As I've mentioned before I've been working on a highly threaded particle system (not of late, but you know, its still in the pipeline as you'll see in a moment) however this has got me thinking about threading in general and trying to make optimal use of the CPU.
Originally my particle system was going to use Intel's Threading Building Blocks, however as I want to release the code most likely under zlib the 'GPL with runtime exception' license TBB is under finally freaked me out enough that I've decided to drop it in favour of using MS's new Concurrency Runtime which is currently shipping with the VS2010 beta.
One thing the CR lets you do is setup a scheduler which controls how many threads are working on things at any give time; if it matches hardware threads, priority, over subscription etc are options which can be set which grants you much more control over how the threads are used when compared to TBB.
Looking at this I got thinking about how to use threads in a game and more importantly how tasks can be applied to them.
If we consider the average single threaded single player game then the loop looks somewhat like this;
update world -> render
There might be variations on how/when the update happens but its basically a linear process.
When you enter the threaded world you can do something like this;
update \ sync
update ---> sync ---> render
update / sync /
Again, when and where the update/sync happens is a side point the fact is rendering again pulls us back to a single thread.
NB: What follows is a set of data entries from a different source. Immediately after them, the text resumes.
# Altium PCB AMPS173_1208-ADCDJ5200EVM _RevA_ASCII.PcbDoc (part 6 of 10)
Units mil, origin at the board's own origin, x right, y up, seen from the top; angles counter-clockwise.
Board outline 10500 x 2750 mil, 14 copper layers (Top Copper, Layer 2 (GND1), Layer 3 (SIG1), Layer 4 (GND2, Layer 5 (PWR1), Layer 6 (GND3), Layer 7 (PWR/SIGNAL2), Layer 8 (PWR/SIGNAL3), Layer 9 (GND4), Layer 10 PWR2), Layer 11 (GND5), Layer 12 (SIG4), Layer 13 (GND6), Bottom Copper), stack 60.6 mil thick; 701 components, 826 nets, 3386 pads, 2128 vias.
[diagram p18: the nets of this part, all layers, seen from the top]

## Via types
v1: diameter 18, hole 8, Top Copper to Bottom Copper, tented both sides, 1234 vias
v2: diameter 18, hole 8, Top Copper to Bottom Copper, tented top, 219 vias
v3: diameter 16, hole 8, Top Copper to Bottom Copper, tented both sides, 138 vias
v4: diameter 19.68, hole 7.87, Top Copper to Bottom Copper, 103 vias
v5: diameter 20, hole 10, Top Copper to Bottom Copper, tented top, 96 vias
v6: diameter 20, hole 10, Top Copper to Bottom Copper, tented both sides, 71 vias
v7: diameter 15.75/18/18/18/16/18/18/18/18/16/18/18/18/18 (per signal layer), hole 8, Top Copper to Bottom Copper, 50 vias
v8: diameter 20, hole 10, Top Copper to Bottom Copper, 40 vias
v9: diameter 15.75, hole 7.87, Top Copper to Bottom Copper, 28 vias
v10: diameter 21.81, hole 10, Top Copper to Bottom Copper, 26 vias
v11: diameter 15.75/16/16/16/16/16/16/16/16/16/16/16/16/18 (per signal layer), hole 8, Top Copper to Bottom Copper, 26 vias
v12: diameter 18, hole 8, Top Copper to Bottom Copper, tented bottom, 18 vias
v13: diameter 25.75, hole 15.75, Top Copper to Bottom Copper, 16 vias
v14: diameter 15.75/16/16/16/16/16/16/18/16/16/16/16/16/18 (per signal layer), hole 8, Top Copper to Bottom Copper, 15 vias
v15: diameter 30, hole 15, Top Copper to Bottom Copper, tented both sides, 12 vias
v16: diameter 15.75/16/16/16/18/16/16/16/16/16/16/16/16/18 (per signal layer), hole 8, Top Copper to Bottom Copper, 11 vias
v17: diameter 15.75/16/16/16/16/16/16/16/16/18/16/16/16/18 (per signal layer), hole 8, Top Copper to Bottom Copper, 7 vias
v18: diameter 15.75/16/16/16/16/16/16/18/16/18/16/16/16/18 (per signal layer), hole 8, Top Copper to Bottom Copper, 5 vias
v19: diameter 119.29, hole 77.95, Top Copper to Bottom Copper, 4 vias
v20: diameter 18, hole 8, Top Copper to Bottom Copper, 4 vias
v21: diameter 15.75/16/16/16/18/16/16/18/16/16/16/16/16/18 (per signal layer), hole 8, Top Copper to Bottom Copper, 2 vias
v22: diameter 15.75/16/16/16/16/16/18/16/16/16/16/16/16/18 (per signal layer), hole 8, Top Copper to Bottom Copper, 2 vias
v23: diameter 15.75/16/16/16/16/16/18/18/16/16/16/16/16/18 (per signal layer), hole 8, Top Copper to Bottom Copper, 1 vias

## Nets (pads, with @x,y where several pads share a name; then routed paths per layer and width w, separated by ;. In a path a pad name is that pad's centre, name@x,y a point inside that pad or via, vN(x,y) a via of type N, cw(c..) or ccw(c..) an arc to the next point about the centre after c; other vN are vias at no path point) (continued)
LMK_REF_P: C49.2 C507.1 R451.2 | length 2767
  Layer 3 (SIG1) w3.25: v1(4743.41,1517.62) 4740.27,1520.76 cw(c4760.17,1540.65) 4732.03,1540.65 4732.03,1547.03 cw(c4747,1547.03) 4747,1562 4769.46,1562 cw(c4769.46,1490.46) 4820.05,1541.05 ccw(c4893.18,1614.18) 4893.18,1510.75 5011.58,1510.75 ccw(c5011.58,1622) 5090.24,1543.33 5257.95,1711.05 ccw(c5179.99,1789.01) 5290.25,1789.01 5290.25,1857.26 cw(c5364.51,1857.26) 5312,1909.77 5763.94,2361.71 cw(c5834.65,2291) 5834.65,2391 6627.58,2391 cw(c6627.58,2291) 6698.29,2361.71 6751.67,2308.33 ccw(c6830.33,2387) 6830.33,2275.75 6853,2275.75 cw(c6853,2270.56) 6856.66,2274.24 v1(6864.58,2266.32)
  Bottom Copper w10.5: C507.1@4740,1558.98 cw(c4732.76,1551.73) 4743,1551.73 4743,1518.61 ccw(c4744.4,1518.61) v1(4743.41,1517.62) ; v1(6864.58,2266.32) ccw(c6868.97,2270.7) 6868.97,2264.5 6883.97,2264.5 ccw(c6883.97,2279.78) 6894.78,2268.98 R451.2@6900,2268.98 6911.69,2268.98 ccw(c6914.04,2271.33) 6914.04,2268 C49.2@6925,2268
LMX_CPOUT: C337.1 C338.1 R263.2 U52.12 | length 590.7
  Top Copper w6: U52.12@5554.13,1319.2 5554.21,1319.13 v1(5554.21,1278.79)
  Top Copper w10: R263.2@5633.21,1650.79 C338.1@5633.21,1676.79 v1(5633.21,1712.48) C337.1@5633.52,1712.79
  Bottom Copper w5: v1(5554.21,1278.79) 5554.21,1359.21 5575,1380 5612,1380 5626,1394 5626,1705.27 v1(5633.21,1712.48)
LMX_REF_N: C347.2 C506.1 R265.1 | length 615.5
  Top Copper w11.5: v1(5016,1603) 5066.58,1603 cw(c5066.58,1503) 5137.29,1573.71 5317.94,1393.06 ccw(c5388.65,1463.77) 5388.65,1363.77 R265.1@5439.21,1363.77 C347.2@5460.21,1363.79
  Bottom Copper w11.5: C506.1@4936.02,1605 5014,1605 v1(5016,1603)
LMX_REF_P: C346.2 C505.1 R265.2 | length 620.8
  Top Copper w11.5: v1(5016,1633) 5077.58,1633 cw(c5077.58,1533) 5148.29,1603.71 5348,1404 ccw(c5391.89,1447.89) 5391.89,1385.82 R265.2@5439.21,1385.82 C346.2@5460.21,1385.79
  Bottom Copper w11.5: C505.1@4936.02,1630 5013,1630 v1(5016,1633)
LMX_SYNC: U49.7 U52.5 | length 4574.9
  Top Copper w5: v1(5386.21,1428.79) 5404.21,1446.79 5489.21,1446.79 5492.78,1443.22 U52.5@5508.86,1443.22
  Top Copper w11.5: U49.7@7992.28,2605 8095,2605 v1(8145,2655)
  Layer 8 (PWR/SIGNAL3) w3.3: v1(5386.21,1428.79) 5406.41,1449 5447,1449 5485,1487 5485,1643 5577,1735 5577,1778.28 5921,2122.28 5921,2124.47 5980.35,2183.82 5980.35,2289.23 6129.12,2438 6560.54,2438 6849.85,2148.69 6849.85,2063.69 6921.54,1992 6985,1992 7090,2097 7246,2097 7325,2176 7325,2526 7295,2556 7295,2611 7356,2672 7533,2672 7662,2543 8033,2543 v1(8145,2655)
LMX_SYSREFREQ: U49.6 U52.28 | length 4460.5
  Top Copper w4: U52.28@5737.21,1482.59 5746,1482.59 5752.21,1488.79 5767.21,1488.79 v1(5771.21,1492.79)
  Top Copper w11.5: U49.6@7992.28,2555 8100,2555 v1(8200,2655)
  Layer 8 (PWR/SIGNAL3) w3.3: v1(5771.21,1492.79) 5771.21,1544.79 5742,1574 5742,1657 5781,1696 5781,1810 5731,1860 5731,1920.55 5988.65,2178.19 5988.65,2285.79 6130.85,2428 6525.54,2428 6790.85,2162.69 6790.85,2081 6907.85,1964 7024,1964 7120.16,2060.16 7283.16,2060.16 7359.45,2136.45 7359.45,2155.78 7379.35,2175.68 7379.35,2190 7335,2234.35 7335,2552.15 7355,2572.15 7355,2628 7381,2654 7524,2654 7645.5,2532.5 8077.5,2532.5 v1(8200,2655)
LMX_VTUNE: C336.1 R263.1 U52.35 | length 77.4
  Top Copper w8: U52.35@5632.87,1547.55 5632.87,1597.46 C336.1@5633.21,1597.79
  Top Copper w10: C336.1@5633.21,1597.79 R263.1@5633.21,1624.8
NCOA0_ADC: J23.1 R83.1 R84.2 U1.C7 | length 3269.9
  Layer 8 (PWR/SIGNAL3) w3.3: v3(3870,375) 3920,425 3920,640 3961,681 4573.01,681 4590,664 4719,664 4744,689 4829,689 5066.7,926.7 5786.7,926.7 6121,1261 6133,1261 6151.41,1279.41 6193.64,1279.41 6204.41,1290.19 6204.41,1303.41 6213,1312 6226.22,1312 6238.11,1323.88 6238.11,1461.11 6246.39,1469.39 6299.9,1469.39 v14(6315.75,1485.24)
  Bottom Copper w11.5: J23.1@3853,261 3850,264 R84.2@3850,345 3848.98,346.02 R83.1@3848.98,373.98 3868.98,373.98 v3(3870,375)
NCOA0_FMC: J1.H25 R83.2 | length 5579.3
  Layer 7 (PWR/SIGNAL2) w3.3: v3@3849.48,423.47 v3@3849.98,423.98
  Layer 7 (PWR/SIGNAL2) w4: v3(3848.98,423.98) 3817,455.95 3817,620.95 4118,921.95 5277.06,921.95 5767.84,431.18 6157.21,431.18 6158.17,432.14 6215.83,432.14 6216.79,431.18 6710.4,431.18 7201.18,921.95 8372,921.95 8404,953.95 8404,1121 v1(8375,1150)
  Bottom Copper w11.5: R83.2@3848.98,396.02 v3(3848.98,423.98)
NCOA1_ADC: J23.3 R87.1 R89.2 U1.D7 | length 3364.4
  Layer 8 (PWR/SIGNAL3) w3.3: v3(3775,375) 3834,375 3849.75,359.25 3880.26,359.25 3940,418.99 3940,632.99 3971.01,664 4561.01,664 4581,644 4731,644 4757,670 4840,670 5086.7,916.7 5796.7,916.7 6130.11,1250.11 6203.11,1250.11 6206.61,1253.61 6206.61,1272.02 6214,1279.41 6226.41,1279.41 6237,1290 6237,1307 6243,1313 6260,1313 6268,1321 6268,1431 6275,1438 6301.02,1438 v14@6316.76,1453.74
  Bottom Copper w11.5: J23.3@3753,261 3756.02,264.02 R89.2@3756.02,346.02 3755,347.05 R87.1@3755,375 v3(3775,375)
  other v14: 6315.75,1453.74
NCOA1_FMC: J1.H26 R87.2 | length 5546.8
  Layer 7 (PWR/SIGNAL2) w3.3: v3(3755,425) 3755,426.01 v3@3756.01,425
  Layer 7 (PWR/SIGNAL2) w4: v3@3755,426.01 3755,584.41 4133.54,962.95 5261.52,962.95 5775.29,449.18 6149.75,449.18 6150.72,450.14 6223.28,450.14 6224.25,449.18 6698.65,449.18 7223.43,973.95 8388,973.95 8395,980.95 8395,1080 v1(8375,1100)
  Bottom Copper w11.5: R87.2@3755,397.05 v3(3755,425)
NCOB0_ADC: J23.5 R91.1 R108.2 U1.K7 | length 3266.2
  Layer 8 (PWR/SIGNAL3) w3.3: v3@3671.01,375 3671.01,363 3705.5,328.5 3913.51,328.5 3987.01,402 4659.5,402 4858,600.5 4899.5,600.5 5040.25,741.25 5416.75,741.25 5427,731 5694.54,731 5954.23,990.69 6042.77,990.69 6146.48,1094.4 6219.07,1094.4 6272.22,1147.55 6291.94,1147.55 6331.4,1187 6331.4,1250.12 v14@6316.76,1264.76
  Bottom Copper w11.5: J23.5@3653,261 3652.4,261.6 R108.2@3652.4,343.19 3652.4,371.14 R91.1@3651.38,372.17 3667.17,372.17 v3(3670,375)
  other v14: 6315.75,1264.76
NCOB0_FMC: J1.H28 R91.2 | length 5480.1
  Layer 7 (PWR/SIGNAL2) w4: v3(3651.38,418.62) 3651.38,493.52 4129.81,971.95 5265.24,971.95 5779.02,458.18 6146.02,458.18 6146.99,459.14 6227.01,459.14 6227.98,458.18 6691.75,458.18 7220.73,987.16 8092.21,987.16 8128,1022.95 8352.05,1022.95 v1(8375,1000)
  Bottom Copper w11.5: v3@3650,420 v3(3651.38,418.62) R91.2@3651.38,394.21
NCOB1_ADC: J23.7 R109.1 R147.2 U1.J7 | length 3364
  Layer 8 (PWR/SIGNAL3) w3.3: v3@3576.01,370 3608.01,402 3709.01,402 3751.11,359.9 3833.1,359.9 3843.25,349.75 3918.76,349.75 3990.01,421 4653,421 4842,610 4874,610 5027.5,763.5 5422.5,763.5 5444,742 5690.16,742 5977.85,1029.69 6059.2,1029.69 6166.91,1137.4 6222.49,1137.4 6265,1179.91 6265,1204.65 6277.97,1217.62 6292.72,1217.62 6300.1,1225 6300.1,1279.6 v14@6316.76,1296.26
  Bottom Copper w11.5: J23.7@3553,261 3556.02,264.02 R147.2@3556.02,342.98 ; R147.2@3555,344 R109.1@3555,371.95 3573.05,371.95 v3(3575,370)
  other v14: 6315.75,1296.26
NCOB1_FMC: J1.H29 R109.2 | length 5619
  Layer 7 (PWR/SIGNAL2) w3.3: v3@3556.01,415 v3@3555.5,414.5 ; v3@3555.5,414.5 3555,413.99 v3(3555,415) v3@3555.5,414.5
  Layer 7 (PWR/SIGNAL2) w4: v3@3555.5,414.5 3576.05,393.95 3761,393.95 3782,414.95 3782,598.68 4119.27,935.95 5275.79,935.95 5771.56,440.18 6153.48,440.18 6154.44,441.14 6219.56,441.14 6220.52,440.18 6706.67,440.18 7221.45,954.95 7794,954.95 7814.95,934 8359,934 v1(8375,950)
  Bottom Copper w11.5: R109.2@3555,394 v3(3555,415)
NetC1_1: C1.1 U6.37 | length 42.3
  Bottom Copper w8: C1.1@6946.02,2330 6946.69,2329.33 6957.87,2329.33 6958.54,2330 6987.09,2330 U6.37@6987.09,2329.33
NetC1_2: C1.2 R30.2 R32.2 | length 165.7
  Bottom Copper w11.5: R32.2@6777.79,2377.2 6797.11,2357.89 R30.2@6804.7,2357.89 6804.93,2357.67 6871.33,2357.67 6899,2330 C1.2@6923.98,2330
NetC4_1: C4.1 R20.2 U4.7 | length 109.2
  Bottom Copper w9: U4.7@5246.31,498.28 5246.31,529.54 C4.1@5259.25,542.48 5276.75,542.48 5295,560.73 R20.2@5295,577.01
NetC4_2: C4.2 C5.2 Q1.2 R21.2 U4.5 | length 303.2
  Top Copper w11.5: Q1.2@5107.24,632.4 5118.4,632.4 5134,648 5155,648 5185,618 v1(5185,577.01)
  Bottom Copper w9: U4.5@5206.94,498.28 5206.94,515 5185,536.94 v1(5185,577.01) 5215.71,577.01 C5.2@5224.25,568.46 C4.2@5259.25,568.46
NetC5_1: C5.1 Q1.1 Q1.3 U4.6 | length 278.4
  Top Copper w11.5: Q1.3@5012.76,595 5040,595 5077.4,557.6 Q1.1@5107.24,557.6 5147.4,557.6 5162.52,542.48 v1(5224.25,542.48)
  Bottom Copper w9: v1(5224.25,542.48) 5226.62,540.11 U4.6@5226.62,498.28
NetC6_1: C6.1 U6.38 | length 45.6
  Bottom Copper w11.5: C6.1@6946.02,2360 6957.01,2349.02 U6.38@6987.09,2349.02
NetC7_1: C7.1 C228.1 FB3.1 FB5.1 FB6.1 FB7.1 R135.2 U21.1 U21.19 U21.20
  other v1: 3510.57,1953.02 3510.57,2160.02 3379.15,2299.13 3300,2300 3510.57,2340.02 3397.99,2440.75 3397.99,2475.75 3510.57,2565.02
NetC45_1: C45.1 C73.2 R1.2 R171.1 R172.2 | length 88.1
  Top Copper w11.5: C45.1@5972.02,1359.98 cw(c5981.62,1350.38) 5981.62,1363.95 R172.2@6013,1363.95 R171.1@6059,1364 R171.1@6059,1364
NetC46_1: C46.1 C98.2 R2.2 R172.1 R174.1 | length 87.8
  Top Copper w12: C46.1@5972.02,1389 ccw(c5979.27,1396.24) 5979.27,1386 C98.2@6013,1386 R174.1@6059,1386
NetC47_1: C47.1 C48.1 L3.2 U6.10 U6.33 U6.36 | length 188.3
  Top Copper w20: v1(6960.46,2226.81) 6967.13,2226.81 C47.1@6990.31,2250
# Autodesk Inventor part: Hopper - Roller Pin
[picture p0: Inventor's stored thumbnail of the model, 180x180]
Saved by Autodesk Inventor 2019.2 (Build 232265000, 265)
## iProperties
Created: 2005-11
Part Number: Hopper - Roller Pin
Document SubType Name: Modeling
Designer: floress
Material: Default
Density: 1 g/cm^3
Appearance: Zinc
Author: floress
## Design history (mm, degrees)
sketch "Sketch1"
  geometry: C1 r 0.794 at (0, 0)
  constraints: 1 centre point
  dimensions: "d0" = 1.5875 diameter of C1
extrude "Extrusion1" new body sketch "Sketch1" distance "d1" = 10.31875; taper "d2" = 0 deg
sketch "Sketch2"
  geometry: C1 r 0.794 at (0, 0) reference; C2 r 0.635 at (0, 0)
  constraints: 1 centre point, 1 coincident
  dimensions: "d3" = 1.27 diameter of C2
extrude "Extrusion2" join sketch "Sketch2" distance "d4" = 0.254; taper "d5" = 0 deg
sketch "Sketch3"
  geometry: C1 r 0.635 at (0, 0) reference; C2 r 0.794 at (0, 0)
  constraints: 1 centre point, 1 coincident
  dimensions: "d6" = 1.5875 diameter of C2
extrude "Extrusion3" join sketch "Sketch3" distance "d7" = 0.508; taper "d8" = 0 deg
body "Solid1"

You could run the update/sync threads totally apart from the render thread however that brings with it a problem of scalability and sync.
If you have 4 cores and you spawn 4 threads, one for each update and a render thread, and run them all at once then you need to sync between them which will involve a lock of some sort on the world. Scalibility also becomes a concern, more so if you assign each thread a task to carry out as when you throw more cores at it they will go unused.
You could still use a task based system however a key thing is that you might not be rendering all the time; so you could use those 3 threads to update/sync based on tasks but for some of the time the rendering thread will go idle which is time you might be able to use.
For example, assuming your game can render/update at 60fps, your rendering time might only take 4ms of time, which means that for ~12ms a frame a core could very well be idle and not doing useful work.
This is where over subscription comes into play; creating more threads than we have hardware to deal with it.
In a way, if you do a task based system which uses all the cores and you use something like FMOD then you'll already be doing this as it will create at least one thread in the background and other audio APIs do the same.
The key thought behind this is that a device in D3D (and OGL) terms is only ever owned by one thread, so unless you can force a rendering task onto a thread all the time issues start to come up. You might be able to grab the device to a thread and release it again however if this is even possible it would probably cause bad voodoo. For this reason you are pretty much stuck with what thread you render from.
As you are stuck with a thread anyway then why not create one specifically for the task of rendering? You could feed it work in the form of per-frame rendering data and let it do its thing while you get on and update the next frame of the game.
However, this would impact your performance as you'd have more threads looking for resources to run on than you'd have hardware to run them. So, the question becomes would it be better to lose Xms or would the fighting cost you less in the long run?
The matter of cache also comes up however the guys who worked on the CR bring up an important point; during your threads life you are more than likely to preempted anyway, at which point if you have affinity and masks set you'll stall until the CPU has freed that core, or you bounce cores and lose your cache. Chances are however even if you stick around and cost yourself time your cache is going to be messed with anyway so it might not be worth the hastle. (The CR will bounce threads as needed between cores to keep things busy for this reason).
The advent of D3D11 also makes this more practical as you can setup things as follows;
update \ sync \ pre-render
update ---> sync ---> pre-render ---> next frame
update / sync / pre-render /
----- render ------------------------>
In this case the pre-render stage can use tasks and deffered contexts to create the data the render thread will ultimately punt down to the GPU. This could also improve framerate as it will allow more object setup and maybe more optimal data to be passed to the GPU.
There remains matters of syncing the data to be rendered and what happens if you throw a fixed time step into the mix (although this is most likely solved by having the pre-render step run every loop regardless of update status and have it deal with interpolation) however the idea seems workable to me.
If anyone can see any serious flaws in this idea feel free to comment on them, I probably wont get around to this idea for a few months as it stands as I've a few things to do (not least of all the particle system [wink]) but its certainly an idea I'd like to try out.